En la víspera de su sacrificio, ella recordó hermosamente su gesto anterior: entonces le había ungido los pies, ahora le ungiría la cabeza. Él se había convertido para ella en el Cristo, el Ungido: por su mano sería ungido para su destino. Compró una redoma de alabastro con aceite de nardo puro —un perfume real a un precio real— y fue a verlo mientras estaba sentado a la mesa en casa de Simón el Leproso. Rompió la redoma y derramó el preciado aceite sobre su cabeza. Algunos de los presentes se enojaron. Se quejaron de lo que les parecía un desperdicio desmedido. Dijeron que la esencia podría haberse vendido por veinte libras y [ p. 335 ] que el dinero se hubiera dado a los pobres. Y se volvieron contra María con palabras de enojo.
Jesús dijo:
Déjala en paz. ¿Por qué molestas a esta mujer? Ha obrado una obra hermosa en mí. Porque siempre tienes a los pobres contigo, y puedes hacerles bien cuando quieras; pero a mí no siempre. Ella ha hecho todo lo que ha podido. Ha ungido mi cuerpo de antemano para mi sepultura.
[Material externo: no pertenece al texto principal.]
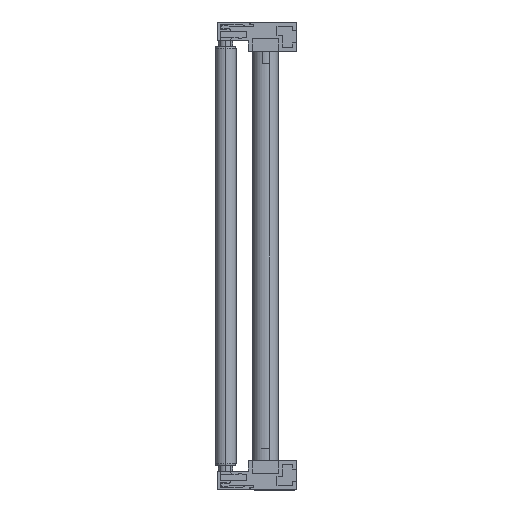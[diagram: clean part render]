
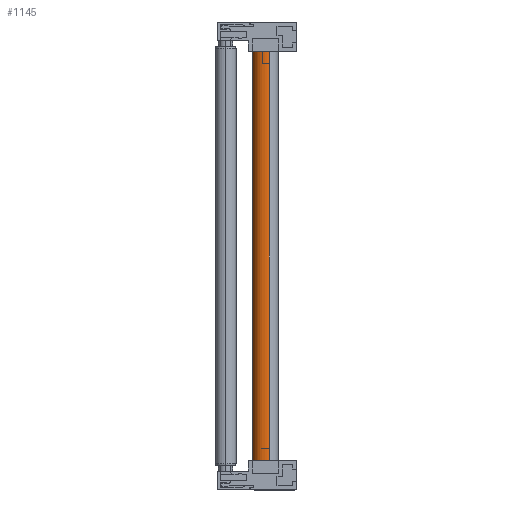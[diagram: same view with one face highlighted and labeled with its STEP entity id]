
A CAD part, left-side view. The second image highlights one B-rep face of the part: STEP entity #1145.
In plain terms, the highlighted cylindrical face has radius 6 mm (diameter 12 mm), a partial arc.
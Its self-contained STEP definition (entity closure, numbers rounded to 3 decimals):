
#484 = EDGE_CURVE ( 'NONE', #10866, #16705, #12384, .T. ) ;
#1145 = ADVANCED_FACE ( 'NONE', ( #14111 ), #20482, .T. ) ;
#1239 = AXIS2_PLACEMENT_3D ( 'NONE', #4621, #18351, #21050 ) ;
#1602 = VERTEX_POINT ( 'NONE', #3918 ) ;
#2644 = DIRECTION ( 'NONE',  ( -1., 0., 0. ) ) ;
#3014 = CARTESIAN_POINT ( 'NONE',  ( 207., 0., 0. ) ) ;
#3918 = CARTESIAN_POINT ( 'NONE',  ( 207., 0., 6. ) ) ;
#4272 = CARTESIAN_POINT ( 'NONE',  ( -8.967, 0., 0. ) ) ;
#4621 = CARTESIAN_POINT ( 'NONE',  ( 0., 0., 0. ) ) ;
#4746 = ORIENTED_EDGE ( 'NONE', *, *, #9881, .F. ) ;
#4968 = VERTEX_POINT ( 'NONE', #8266 ) ;
#5243 = EDGE_LOOP ( 'NONE', ( #12705, #9519, #4746, #10739 ) ) ;
#6587 = DIRECTION ( 'NONE',  ( 0., 0., 1. ) ) ;
#7333 = LINE ( 'NONE', #17602, #9522 ) ;
#7354 = CARTESIAN_POINT ( 'NONE',  ( 207., 0., -6. ) ) ;
#8266 = CARTESIAN_POINT ( 'NONE',  ( 0., 0., 6. ) ) ;
#9519 = ORIENTED_EDGE ( 'NONE', *, *, #484, .T. ) ;
#9522 = VECTOR ( 'NONE', #2644, 1000. ) ;
#9881 = EDGE_CURVE ( 'NONE', #4968, #16705, #11230, .T. ) ;
#10045 = CIRCLE ( 'NONE', #12890, 6. ) ;
#10739 = ORIENTED_EDGE ( 'NONE', *, *, #12999, .F. ) ;
#10866 = VERTEX_POINT ( 'NONE', #7354 ) ;
#11230 = CIRCLE ( 'NONE', #1239, 6. ) ;
#12384 = LINE ( 'NONE', #17384, #13163 ) ;
#12705 = ORIENTED_EDGE ( 'NONE', *, *, #21038, .T. ) ;
#12890 = AXIS2_PLACEMENT_3D ( 'NONE', #3014, #13065, #6587 ) ;
#12999 = EDGE_CURVE ( 'NONE', #1602, #4968, #7333, .T. ) ;
#13065 = DIRECTION ( 'NONE',  ( -1., 0., 0. ) ) ;
#13163 = VECTOR ( 'NONE', #17282, 1000. ) ;
#14111 = FACE_OUTER_BOUND ( 'NONE', #5243, .T. ) ;
#15780 = DIRECTION ( 'NONE',  ( 0., 0., 1. ) ) ;
#16705 = VERTEX_POINT ( 'NONE', #19052 ) ;
#17282 = DIRECTION ( 'NONE',  ( -1., 0., 0. ) ) ;
#17384 = CARTESIAN_POINT ( 'NONE',  ( -8.967, 0., -6. ) ) ;
#17602 = CARTESIAN_POINT ( 'NONE',  ( -8.967, 0., 6. ) ) ;
#18153 = AXIS2_PLACEMENT_3D ( 'NONE', #4272, #21112, #15780 ) ;
#18351 = DIRECTION ( 'NONE',  ( -1., 0., 0. ) ) ;
#19052 = CARTESIAN_POINT ( 'NONE',  ( 0., 0., -6. ) ) ;
#20482 = CYLINDRICAL_SURFACE ( 'NONE', #18153, 6. ) ;
#21038 = EDGE_CURVE ( 'NONE', #1602, #10866, #10045, .T. ) ;
#21050 = DIRECTION ( 'NONE',  ( 0., 0., 1. ) ) ;
#21112 = DIRECTION ( 'NONE',  ( -1., 0., 0. ) ) ;
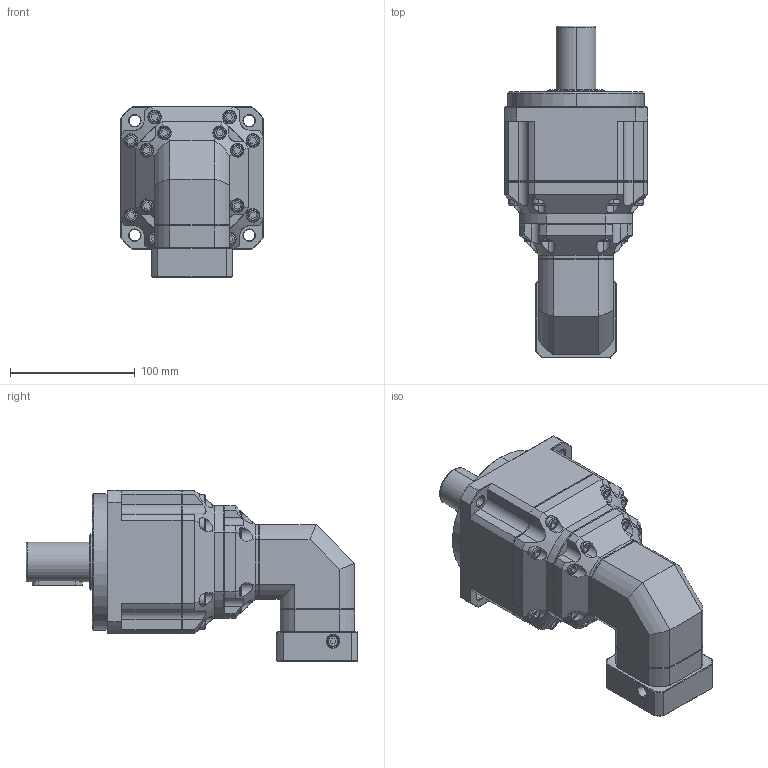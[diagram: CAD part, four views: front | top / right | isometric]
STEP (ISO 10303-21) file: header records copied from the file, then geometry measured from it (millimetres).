
FILE_DESCRIPTION (( 'STEP AP214' ), '1' );
FILE_NAME ('ZPBR115-D32-L3-P1-11-60-75-M5.step', '2024-06-29T08:08:49', ( 'Windows 蚚誧' ), ( 'Organization' ), 'SwSTEP 2.0', 'SolidWorks 2016', '' );
FILE_SCHEMA (( 'AUTOMOTIVE_DESIGN' ));
Length unit declared in the file: millimetre
Products named in the file (1): ZPBR115-D32-L3-P1-11-60-75-M5
Bounding box: 115 x 266.5 x 137.5 mm (x, y, z)
Surface area: 132541.7 mm2 (no closed solid volume)
Topology: 0 solids, 3 shells, 1977 faces, 5280 edges, 3418 vertices
Faces by surface type: plane 1137, bspline 413, cylinder 239, cone 188
Full cylindrical faces by diameter (mm): 10.2 x1
Entity records: 107175 total; most frequent: CARTESIAN_POINT 52417, ORIENTED_EDGE 10538, DIRECTION 7906, EDGE_CURVE 5278, LINE 3440, VECTOR 3440, VERTEX_POINT 3417, AXIS2_PLACEMENT_3D 2233
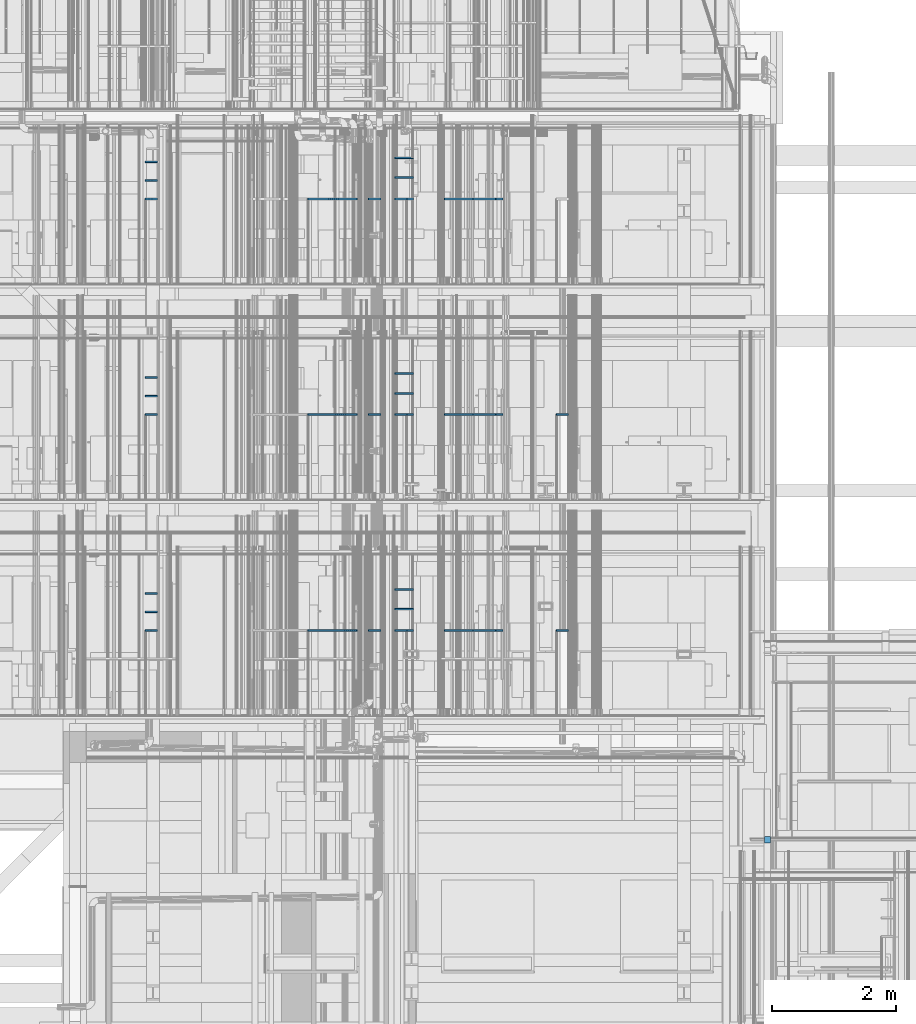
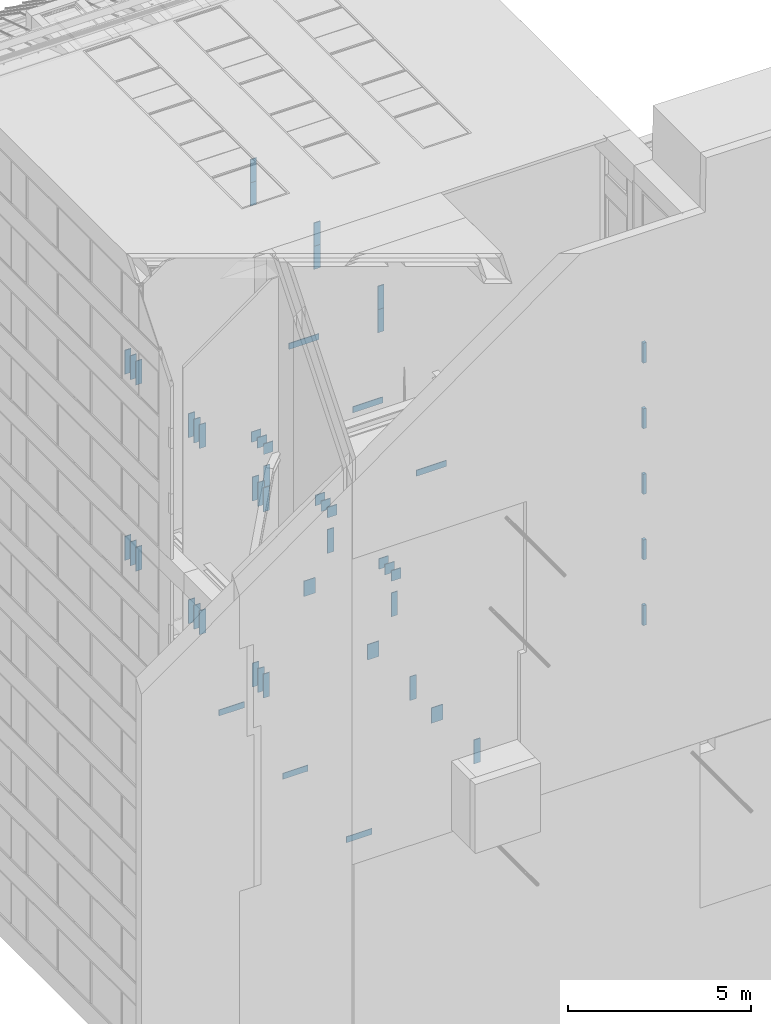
# One storey, part 300 of 583: 52 slabs.
"""IFC2X3 building model written with IfcOpenShell, lengths in metres."""

from ifc_helpers import new_model, entity, si_unit, converted_unit, derived_unit, money_unit, direction, frame, origin_with_axes, place, context, subcontext, project, spatial, faceted_brep, material, type_object, element, save


model = new_model("IFC2X3")

# Units and contexts
model_context = context("Model", 3, precision=1e-05, world=origin_with_axes(), true_north=direction((0.0, 1.0)))
body_context = subcontext(model_context, "Body", "Model", "MODEL_VIEW", scale=1.0)
ifc_project = project(units=[si_unit("LENGTHUNIT", "METRE"), si_unit("AREAUNIT", "SQUARE_METRE"), si_unit("VOLUMEUNIT", "CUBIC_METRE"), si_unit("ABSORBEDDOSEUNIT", "GRAY"), si_unit("AMOUNTOFSUBSTANCEUNIT", "MOLE"), si_unit("DOSEEQUIVALENTUNIT", "SIEVERT"), si_unit("ELECTRICCAPACITANCEUNIT", "FARAD"), si_unit("ELECTRICCHARGEUNIT", "COULOMB"), si_unit("ELECTRICCONDUCTANCEUNIT", "SIEMENS"), si_unit("ELECTRICCURRENTUNIT", "AMPERE"), si_unit("ELECTRICRESISTANCEUNIT", "OHM"), si_unit("ELECTRICVOLTAGEUNIT", "VOLT"), si_unit("ENERGYUNIT", "JOULE"), si_unit("FORCEUNIT", "NEWTON"), si_unit("FREQUENCYUNIT", "HERTZ"), si_unit("ILLUMINANCEUNIT", "LUX"), si_unit("INDUCTANCEUNIT", "HENRY"), si_unit("LUMINOUSFLUXUNIT", "LUMEN"), si_unit("LUMINOUSINTENSITYUNIT", "CANDELA"), si_unit("MAGNETICFLUXDENSITYUNIT", "TESLA"), si_unit("MAGNETICFLUXUNIT", "WEBER"), si_unit("MASSUNIT", "GRAM"), converted_unit("PLANEANGLEUNIT", "degree", entity("IfcReal", 0.0174532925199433), si_unit("PLANEANGLEUNIT", "RADIAN"), dimensions=[0, 0, 0, 0, 0, 0, 0]), si_unit("POWERUNIT", "WATT"), si_unit("PRESSUREUNIT", "PASCAL"), si_unit("RADIOACTIVITYUNIT", "BECQUEREL"), si_unit("SOLIDANGLEUNIT", "STERADIAN"), si_unit("THERMODYNAMICTEMPERATUREUNIT", "KELVIN"), si_unit("TIMEUNIT", "SECOND"), derived_unit("ACCELERATIONUNIT", [(si_unit("LENGTHUNIT", "METRE"), 1), (si_unit("TIMEUNIT", "SECOND"), -2)]), derived_unit("ANGULARVELOCITYUNIT", [(converted_unit("PLANEANGLEUNIT", "degree", entity("IfcReal", 0.0174532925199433), si_unit("PLANEANGLEUNIT", "RADIAN"), dimensions=[0, 0, 0, 0, 0, 0, 0]), 1), (si_unit("TIMEUNIT", "SECOND"), -1)]), derived_unit("CURVATUREUNIT", [(converted_unit("PLANEANGLEUNIT", "degree", entity("IfcReal", 0.0174532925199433), si_unit("PLANEANGLEUNIT", "RADIAN"), dimensions=[0, 0, 0, 0, 0, 0, 0]), 1), (si_unit("LENGTHUNIT", "METRE"), -1)]), derived_unit("DYNAMICVISCOSITYUNIT", [(si_unit("PRESSUREUNIT", "PASCAL"), 1), (si_unit("TIMEUNIT", "SECOND"), 1)]), derived_unit("HEATFLUXDENSITYUNIT", [(si_unit("POWERUNIT", "WATT"), 1), (si_unit("LENGTHUNIT", "METRE"), -2)]), derived_unit("HEATINGVALUEUNIT", [(si_unit("ENERGYUNIT", "JOULE"), 1), (si_unit("MASSUNIT", "GRAM"), -1)]), derived_unit("INTEGERCOUNTRATEUNIT", [(si_unit("TIMEUNIT", "SECOND"), -1)]), derived_unit("IONCONCENTRATIONUNIT", [(si_unit("MASSUNIT", "GRAM"), 1), (si_unit("VOLUMEUNIT", "CUBIC_METRE"), -1)]), derived_unit("ISOTHERMALMOISTURECAPACITYUNIT", [(si_unit("VOLUMEUNIT", "CUBIC_METRE"), 1), (si_unit("MASSUNIT", "GRAM"), -1)]), derived_unit("KINEMATICVISCOSITYUNIT", [(si_unit("AREAUNIT", "SQUARE_METRE"), 1), (si_unit("TIMEUNIT", "SECOND"), -1)]), derived_unit("LINEARFORCEUNIT", [(si_unit("FORCEUNIT", "NEWTON"), 1), (si_unit("LENGTHUNIT", "METRE"), -1)]), derived_unit("LINEARMOMENTUNIT", [(si_unit("FORCEUNIT", "NEWTON"), 1), (si_unit("LENGTHUNIT", "METRE"), -1)]), derived_unit("LINEARSTIFFNESSUNIT", [(si_unit("FORCEUNIT", "NEWTON"), 1), (si_unit("LENGTHUNIT", "METRE"), -1)]), derived_unit("LINEARVELOCITYUNIT", [(si_unit("LENGTHUNIT", "METRE"), 1), (si_unit("TIMEUNIT", "SECOND"), -1)]), derived_unit("LUMINOUSINTENSITYDISTRIBUTIONUNIT", [(si_unit("LUMINOUSINTENSITYUNIT", "CANDELA"), 1), (si_unit("LUMINOUSFLUXUNIT", "LUMEN"), -1)]), derived_unit("MASSDENSITYUNIT", [(si_unit("MASSUNIT", "GRAM"), 1), (si_unit("VOLUMEUNIT", "CUBIC_METRE"), -1)]), derived_unit("MASSFLOWRATEUNIT", [(si_unit("MASSUNIT", "GRAM"), 1), (si_unit("TIMEUNIT", "SECOND"), -1)]), derived_unit("MASSPERLENGTHUNIT", [(si_unit("MASSUNIT", "GRAM"), 1), (si_unit("LENGTHUNIT", "METRE"), -1)]), derived_unit("MODULUSOFELASTICITYUNIT", [(si_unit("FORCEUNIT", "NEWTON"), 1), (si_unit("AREAUNIT", "SQUARE_METRE"), -1)]), derived_unit("MODULUSOFLINEARSUBGRADEREACTIONUNIT", [(si_unit("FORCEUNIT", "NEWTON"), 1), (si_unit("LENGTHUNIT", "METRE"), -2)]), derived_unit("MODULUSOFROTATIONALSUBGRADEREACTIONUNIT", [(si_unit("FORCEUNIT", "NEWTON"), 1), (si_unit("LENGTHUNIT", "METRE"), 1)]), derived_unit("MODULUSOFSUBGRADEREACTIONUNIT", [(si_unit("FORCEUNIT", "NEWTON"), 1), (si_unit("VOLUMEUNIT", "CUBIC_METRE"), -1)]), derived_unit("MOISTUREDIFFUSIVITYUNIT", [(si_unit("VOLUMEUNIT", "CUBIC_METRE"), 1), (si_unit("TIMEUNIT", "SECOND"), -1)]), derived_unit("MOLECULARWEIGHTUNIT", [(si_unit("MASSUNIT", "GRAM"), 1), (si_unit("AMOUNTOFSUBSTANCEUNIT", "MOLE"), -1)]), derived_unit("PLANARFORCEUNIT", [(si_unit("FORCEUNIT", "NEWTON"), 1), (si_unit("LENGTHUNIT", "METRE"), -2)]), derived_unit("ROTATIONALFREQUENCYUNIT", [(si_unit("TIMEUNIT", "SECOND"), -1)]), derived_unit("ROTATIONALMASSUNIT", [(si_unit("MASSUNIT", "GRAM"), 1), (si_unit("LENGTHUNIT", "METRE"), 2)]), derived_unit("ROTATIONALSTIFFNESSUNIT", [(si_unit("FORCEUNIT", "NEWTON"), 1), (si_unit("LENGTHUNIT", "METRE"), 1), (converted_unit("PLANEANGLEUNIT", "degree", entity("IfcReal", 0.0174532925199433), si_unit("PLANEANGLEUNIT", "RADIAN"), dimensions=[0, 0, 0, 0, 0, 0, 0]), -1)]), derived_unit("SECTIONAREAINTEGRALUNIT", [(si_unit("LENGTHUNIT", "METRE"), 5)]), derived_unit("SECTIONMODULUSUNIT", [(si_unit("LENGTHUNIT", "METRE"), 3)]), derived_unit("SHEARMODULUSUNIT", [(si_unit("FORCEUNIT", "NEWTON"), 1), (si_unit("AREAUNIT", "SQUARE_METRE"), -1)]), derived_unit("SOUNDPOWERUNIT", [(si_unit("ENERGYUNIT", "JOULE"), 1), (si_unit("TIMEUNIT", "SECOND"), -1)]), derived_unit("SPECIFICHEATCAPACITYUNIT", [(si_unit("FORCEUNIT", "NEWTON"), 1), (si_unit("MASSUNIT", "GRAM"), -1), (si_unit("THERMODYNAMICTEMPERATUREUNIT", "KELVIN"), -1)]), derived_unit("TEMPERATUREGRADIENTUNIT", [(si_unit("THERMODYNAMICTEMPERATUREUNIT", "KELVIN"), 1), (si_unit("LENGTHUNIT", "METRE"), -1)]), derived_unit("THERMALADMITTANCEUNIT", [(si_unit("POWERUNIT", "WATT"), 1), (si_unit("AREAUNIT", "SQUARE_METRE"), -1), (si_unit("THERMODYNAMICTEMPERATUREUNIT", "KELVIN"), -1)]), derived_unit("THERMALCONDUCTANCEUNIT", [(si_unit("POWERUNIT", "WATT"), 1), (si_unit("LENGTHUNIT", "METRE"), -1), (si_unit("THERMODYNAMICTEMPERATUREUNIT", "KELVIN"), -1)]), derived_unit("THERMALEXPANSIONCOEFFICIENTUNIT", [(si_unit("THERMODYNAMICTEMPERATUREUNIT", "KELVIN"), -1)]), derived_unit("THERMALRESISTANCEUNIT", [(si_unit("AREAUNIT", "SQUARE_METRE"), 1), (si_unit("POWERUNIT", "WATT"), -1)]), derived_unit("THERMALTRANSMITTANCEUNIT", [(si_unit("POWERUNIT", "WATT"), 1), (si_unit("AREAUNIT", "SQUARE_METRE"), -1), (si_unit("THERMODYNAMICTEMPERATUREUNIT", "KELVIN"), -1)]), derived_unit("TORQUEUNIT", [(si_unit("FORCEUNIT", "NEWTON"), 1), (si_unit("LENGTHUNIT", "METRE"), 1)]), derived_unit("VAPORPERMEABILITYUNIT", [(si_unit("MASSUNIT", "GRAM"), 1), (si_unit("TIMEUNIT", "SECOND"), -1)]), derived_unit("VOLUMETRICFLOWRATEUNIT", [(si_unit("VOLUMEUNIT", "CUBIC_METRE"), 1), (si_unit("TIMEUNIT", "SECOND"), -1)]), derived_unit("WARPINGCONSTANTUNIT", [(si_unit("LENGTHUNIT", "METRE"), 6)]), derived_unit("WARPINGMOMENTUNIT", [(si_unit("FORCEUNIT", "NEWTON"), 1), (si_unit("LENGTHUNIT", "METRE"), 2)]), money_unit("GBP")], contexts=[model_context])

# Site, building, storey
site_placement = place(None, origin_with_axes())
site = spatial("IfcSite", under=ifc_project, at=site_placement, Name="Site", CompositionType="ELEMENT")
building_placement = place(site_placement, origin_with_axes())
building = spatial("IfcBuilding", under=site, at=building_placement, Name="Building01", CompositionType="ELEMENT")
storey_placement = place(building_placement, frame((0.0, 0.0, 20.78), z_axis=(0.0, 0.0, 1.0), x_axis=(1.0, 0.0, 0.0)))
storey = spatial("IfcBuildingStorey", under=building, at=storey_placement, Name="RL", CompositionType="ELEMENT", Elevation=20.78)

# Slabs
ifc_material_1 = material(Name="A_BSUK_Slabs")
slab_type = type_object("IfcSlabType", Name="A-FloorsSlabs A_BSUK_Slabs", PredefinedType="FLOOR")
placement = place(storey_placement, frame((0.0, 0.0, -20.78), z_axis=(0.0, 0.0, 1.0), x_axis=(1.0, 0.0, 0.0)))
element("IfcSlab", 1, at=placement, inside=storey, type_object=slab_type, material=ifc_material_1, Name="A-FloorsSlabs A_BSUK_Slabs", ObjectType="CompoundSlabLeaf", context=body_context, shape_type="Brep", body=[
    faceted_brep([(14.799671, 3.099759, 19.74), (14.799671, 3.199759, 19.74), (14.9, 3.199759, 19.74), (14.9, 3.099759, 19.74), (14.8, 3.099759, 20.41), (14.8, 3.199759, 20.41), (14.9, 3.099759, 20.41), (14.9, 3.199759, 20.41)], [[[0, 1, 2, 3]], [[4, 5, 1, 0]], [[6, 7, 5, 4]], [[3, 2, 7, 6]], [[1, 5, 7, 2]], [[3, 6, 4, 0]]]),
])
element("IfcSlab", 2, at=placement, inside=storey, type_object=slab_type, material=ifc_material_1, Name="A-FloorsSlabs A_BSUK_Slabs", ObjectType="CompoundSlabLeaf", context=body_context, shape_type="Brep", body=[
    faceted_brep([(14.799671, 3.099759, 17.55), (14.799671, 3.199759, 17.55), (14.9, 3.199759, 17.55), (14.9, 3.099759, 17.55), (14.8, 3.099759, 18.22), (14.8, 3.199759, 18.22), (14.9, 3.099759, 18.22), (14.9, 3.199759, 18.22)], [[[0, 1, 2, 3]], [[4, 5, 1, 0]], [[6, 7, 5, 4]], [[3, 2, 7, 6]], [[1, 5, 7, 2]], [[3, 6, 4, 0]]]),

«Sí, y esto os digo: dondequiera que se predique esta buena noticia, en todo el mundo, también se hablará de lo que ésta ha hecho en memoria de mí.»
Una obra hermosa, una cosa de gran belleza. Es el único ejemplo registrado del uso de tal frase o pensamiento por parte de Jesús. Él habló de belleza, vio belleza, fue belleza; pero solo esta vez habló de ello. La absoluta perfección de su gesto era un lenguaje que él podía entender; tal vez ella lo había aprendido de él. Había aprendido, a través del amor y su ejemplo, a hacer lo que podía a la perfección. Ninguna criatura viviente ha hecho jamás más que eso. De ningún discípulo de Jesús se podría decir tanto.